# Exercise goal
Each entry below should be given again exactly; the pictures stay out.

# Given information
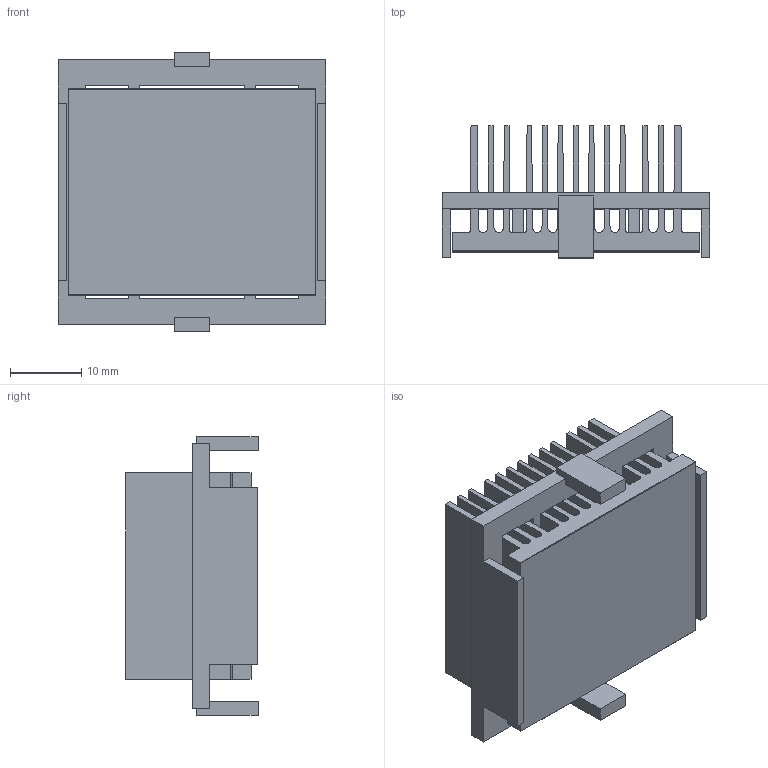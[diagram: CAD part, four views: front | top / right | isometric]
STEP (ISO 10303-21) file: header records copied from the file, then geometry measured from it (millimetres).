
FILE_DESCRIPTION (( 'STEP AP214' ), '1' );
FILE_NAME ('INH35001-18-2.6O.STEP', '2023-02-17T22:48:00', ( '' ), ( '' ), 'SwSTEP 2.0', 'SolidWorks 2020', '' );
FILE_SCHEMA (( 'AUTOMOTIVE_DESIGN' ));
Length unit declared in the file: millimetre
Products named in the file (1): INH35001-18-2.6O
Bounding box: 37.7 x 18.6 x 39.2 mm (x, y, z)
Volume: 9175 mm3; surface area: 18576.6 mm2
Topology: 3 solids, 3 shells, 144 faces, 414 edges, 276 vertices
Faces by surface type: plane 118, cylinder 26
Entity records: 6310 total; most frequent: CARTESIAN_POINT 835, ORIENTED_EDGE 828, DIRECTION 756, EDGE_CURVE 414, VECTOR 362, LINE 362, VERTEX_POINT 276, AXIS2_PLACEMENT_3D 197

# Result of this exercise
[diagram: CAD part, four views: front | top / right | isometric]
STEP (ISO 10303-21) file: header records copied from the file, then geometry measured from it (millimetres).
FILE_DESCRIPTION (( 'STEP AP214' ), '1' );
FILE_NAME ('INH35001-18-2.6O.STEP', '2023-02-17T22:48:00', ( '' ), ( '' ), 'SwSTEP 2.0', 'SolidWorks 2020', '' );
FILE_SCHEMA (( 'AUTOMOTIVE_DESIGN' ));
Length unit declared in the file: millimetre
Products named in the file (1): INH35001-18-2.6O
Bounding box: 37.7 x 18.6 x 39.2 mm (x, y, z)
Volume: 9175 mm3; surface area: 18576.6 mm2
Topology: 3 solids, 3 shells, 144 faces, 414 edges, 276 vertices
Faces by surface type: plane 118, cylinder 26
Entity records: 6310 total; most frequent: CARTESIAN_POINT 835, ORIENTED_EDGE 828, DIRECTION 756, EDGE_CURVE 414, VECTOR 362, LINE 362, VERTEX_POINT 276, AXIS2_PLACEMENT_3D 197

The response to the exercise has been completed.